The village of Lasekau who are inhabited by the clan Nabou (referred to as "Na Bai kei Bau") is ruled by the Komai Nadrukuta.
The village of Soso is occupied by the clan Rara, often referred to as the Rara o Soso and is headed by the Tunidau.
It was at Kubuna that the great ancestral chief, Ratu Vueti Koroi-Ratu mai Bulu, Serui-Ratu mai Bulu, the first Roko Tui Bau Vuani-ivi (according to the legend he was the fourth generation from Ratu Lutunasobasoba) established the Kingdom of Kubuna and formed one of the earliest known Fijian settlements after hostilities ceased the people of Nakauvadra and the victorious Bauan army upon leaving the mountains and finding their way to the sea made a Cairn named Ulunivuaka and later called it Bau in honour of Ratu Vueti and his achievements. It was named after a shrine in the Nakauvadra range. He took the titles of Roko Tui Bau Vuani-ivi and Koroi Ratu Maibulu. After his death, he was buried in Kubuna.
After his death a division arose between Bucaira and Vunibuca over the installation of a successor to Ratu Vueti. Other clans went to Namuka and wandered from place to place. Eventually a new Roko Tui Bau, Ratu Serumataidrau, was selected from the Vuaniivi, a Tokatoka Valelevu of the Mataqali and the Yavusa Ratu Vuani-ivi Buca clan, which had settled at Namuka.

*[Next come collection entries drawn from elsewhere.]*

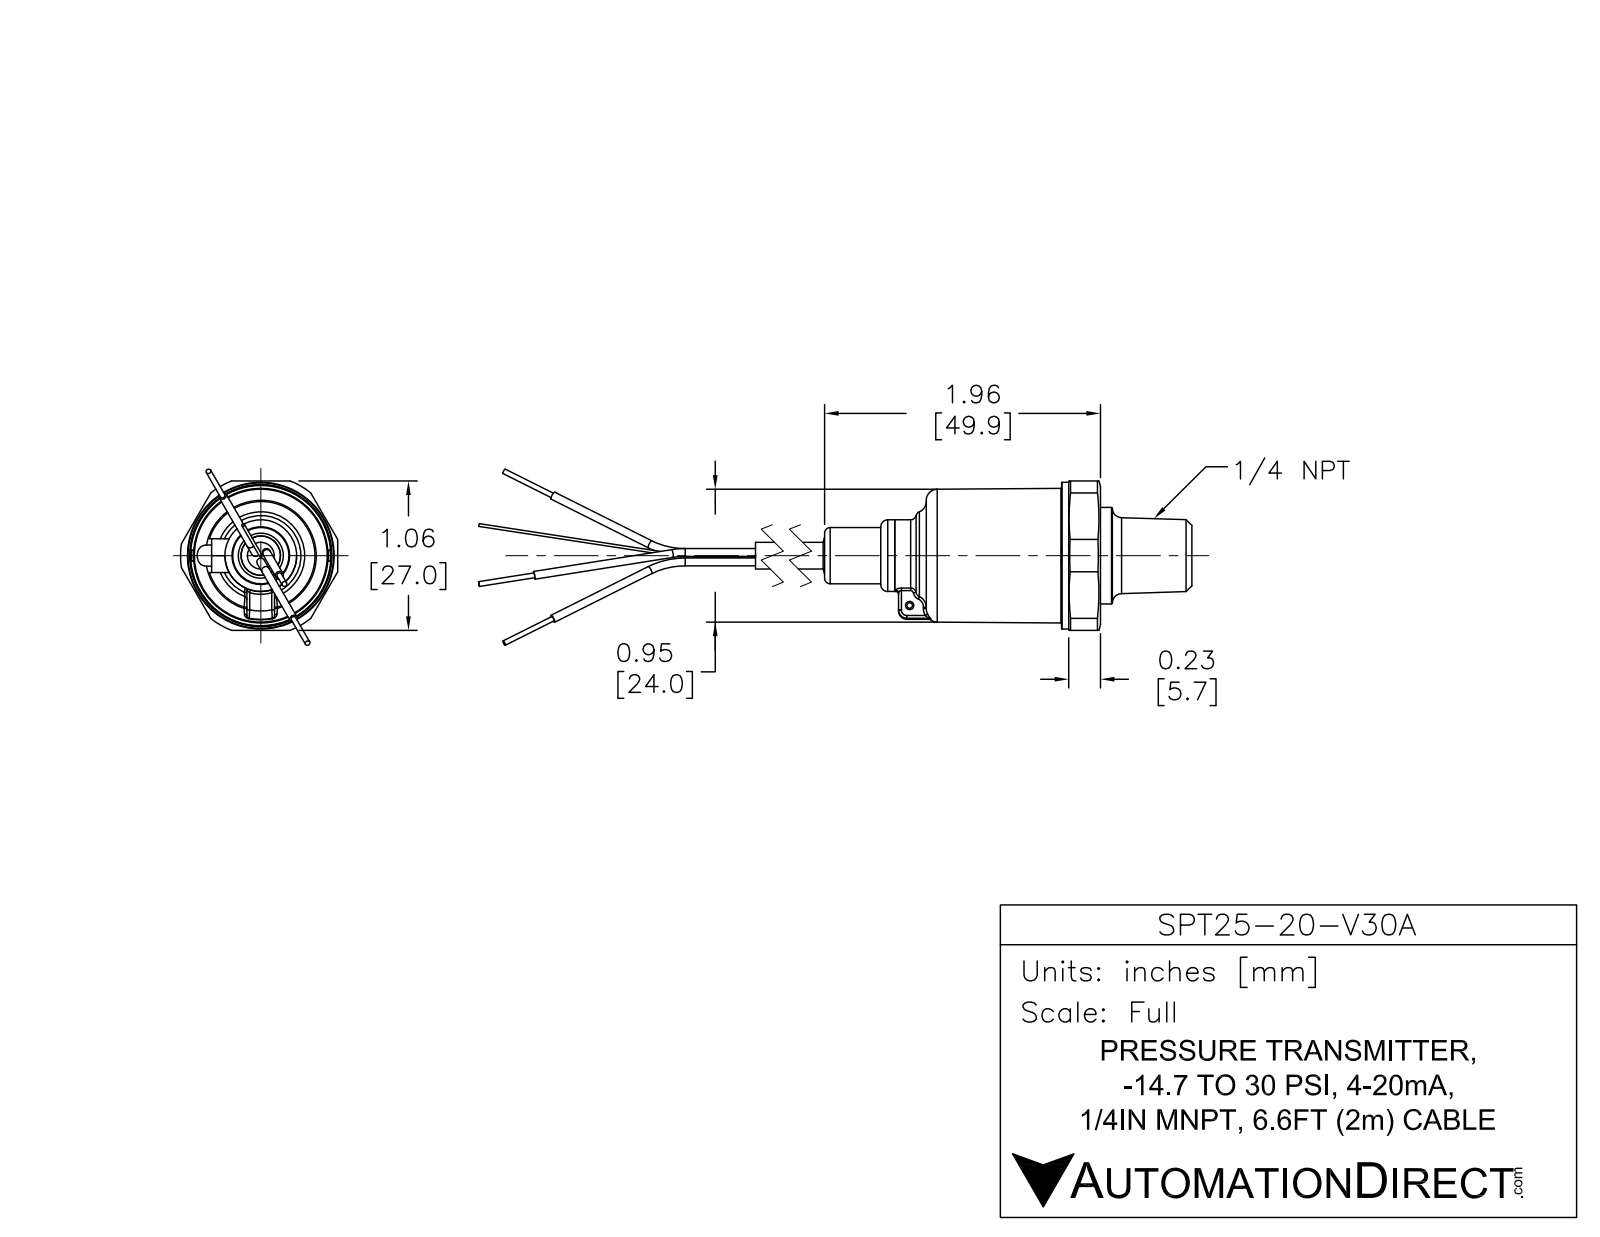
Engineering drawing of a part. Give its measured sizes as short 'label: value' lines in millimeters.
name: SPT25-20-V30A
written by: SolidWorks 2011 (AUTOMOTIVE_DESIGN)
unit: mm
bodies: 7 solids, 75 faces (32 planar, 27 cylindrical, 16 other)
size: 153.3 × 29 × 27.09
volume: 20 801 mm³; area: 7 170 mm²
holes: 1× ⌀1, 1× ⌀3.3
bosses: 6× ⌀1.4, 5× ⌀0.75, 1× ⌀26.75, 1× ⌀24, 1× ⌀17.5, 1× ⌀14, 1× ⌀13, 1× ⌀10
rounds: 1× R2, 1× R14.5
face distances: 6.75, 24, 17.25, 42.75, 49.5, 66.75, 44, 1.25, 5.5, 22.75
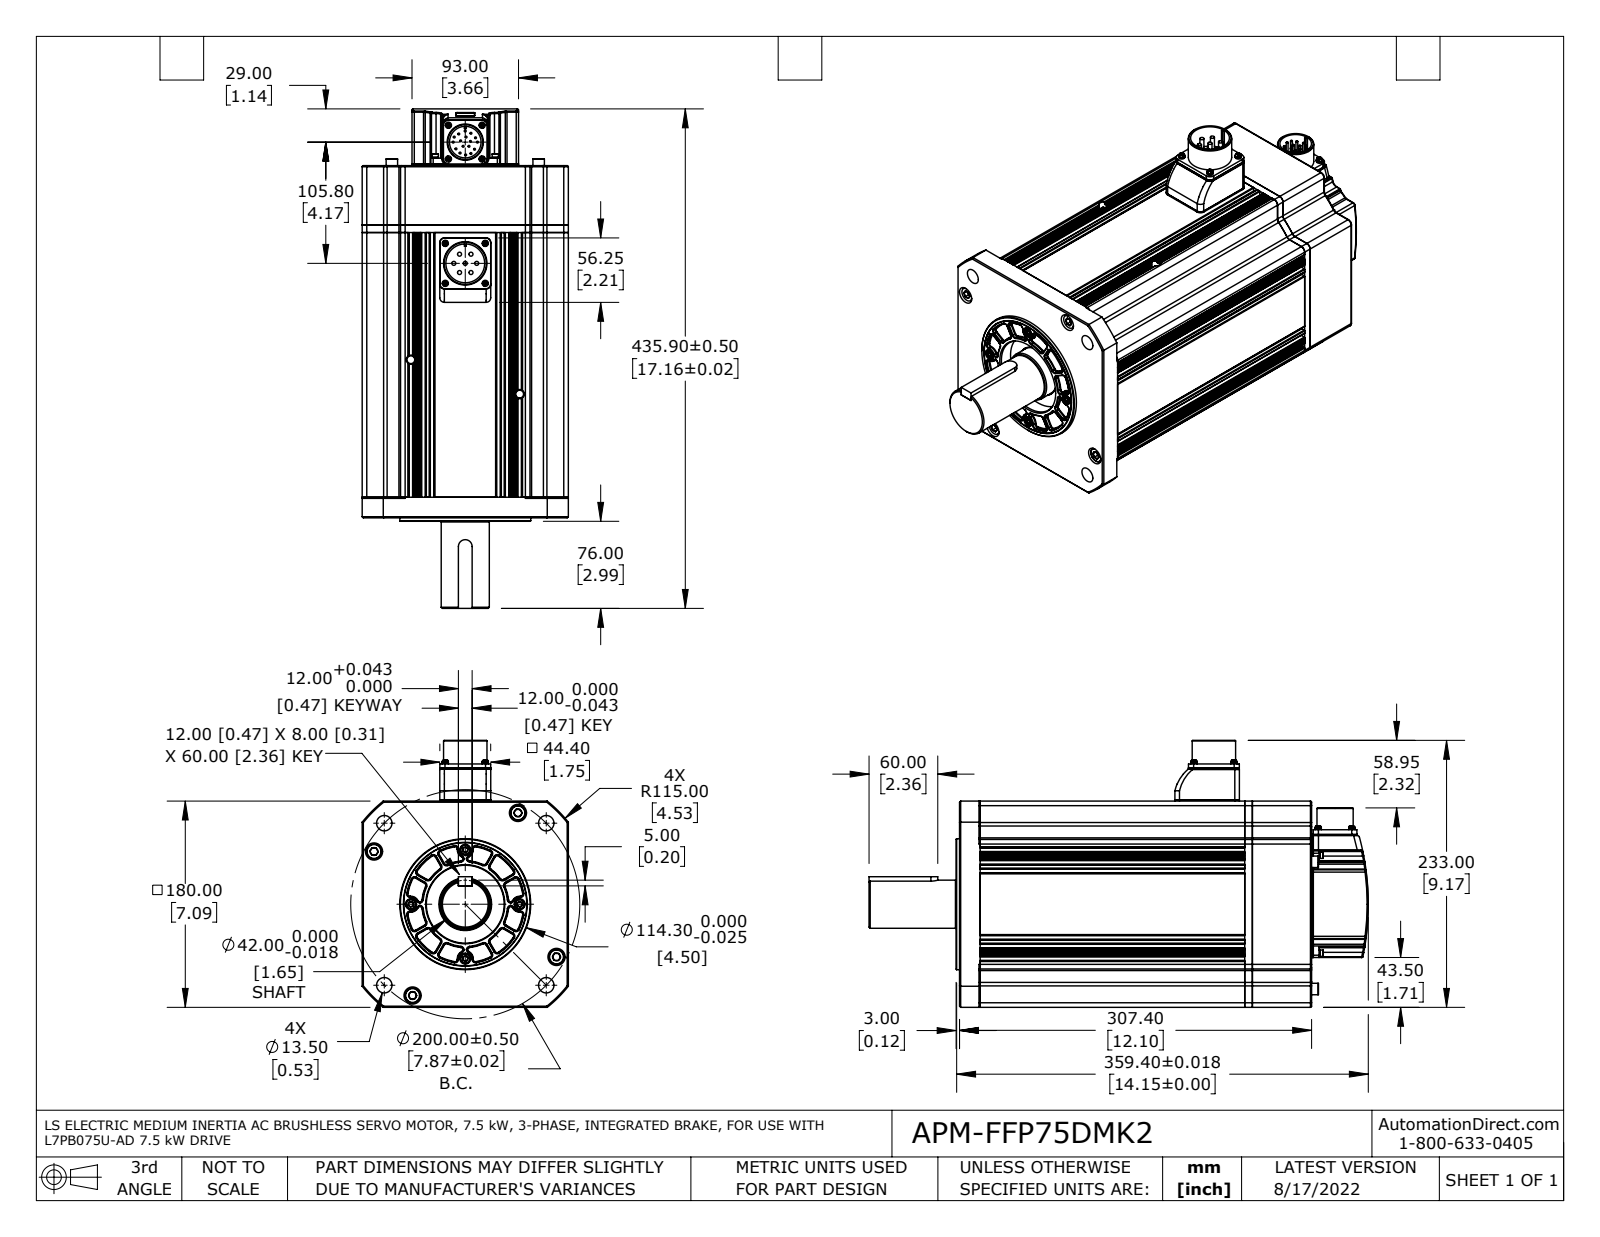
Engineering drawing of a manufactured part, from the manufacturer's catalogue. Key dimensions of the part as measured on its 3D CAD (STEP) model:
Part name (STEP PRODUCT): FMP18GA003G04_Out Line(APM-FFP75D_K2) r1 nc fxt
STEP written by: SolidWorks 2017 (AUTOMOTIVE_DESIGN)
Units: inches
Bodies: 64 solids, 2531 faces (831 planar, 959 cylindrical, 741 other)
Overall size (bounding box): 17.161 × 9.173 × 7.087
Volume: 560.1 in³ · Surface area: 1 045 in²
Round holes (diameter × count): ⌀0.118 ×16, ⌀0.098 ×8, ⌀0.236 ×8, ⌀0.268 ×8, ⌀0.374 ×8, ⌀0.12 ×4, ⌀0.138 ×4, ⌀0.142 ×4, ⌀0.146 ×4, ⌀0.147 ×4, ⌀0.197 ×4, ⌀0.315 ×4
Round bosses / shafts (diameter × count): ⌀0.063 ×17, ⌀0.213 ×8, ⌀0.138 ×7, ⌀0.52 ×4, ⌀0.512 ×4, ⌀0.335 ×4, ⌀0.315 ×4, ⌀0.217 ×4
Partial cylindrical surfaces — rounded edges, fillets, slot ends (radius × count): R0.02 ×124, R0.098 ×56, R0.157 ×24, R0.039 ×22, R0.079 ×17, R0.177 ×12, R0.256 ×4, R0.012 ×2
Main face-to-face distances: 0.264, 9.358, 9.094, 7.087, 5.768, 1.319, 0.039, 0.709, 0.394, 0.315
Hole centre spacings: 1.282, 1.315, 1.343, 2.93, 3.622, 5.423, 1.035, 2.21

Naulivou was installed in 1791 as the Vunivalu (in modern Fiji this is now the highest chiefly title in the Kingdom of Kubuna, but was not so in Fiji's early history) after the death of his father Banuve who had three sons: Naulivou, Tanoa II and Celua in 1791. Ratu Raiwalui of the Roko Tui Bau Vuaniivi Clan, Yavusa-Ratu, became the sixth Roko Tui Bau Vuani-Ivi which was the highest chiefly title in the greater area of Kubuna and the second Roko Tui Bau Vuani-Ivi that occupied the Island Delainakorolevu or Ulunivuaka, which was then called Bau in 1760 which was named by the fifth Roko Tui Bau Vuani-ivi Ratu Lele who was then buried at Delai Daku.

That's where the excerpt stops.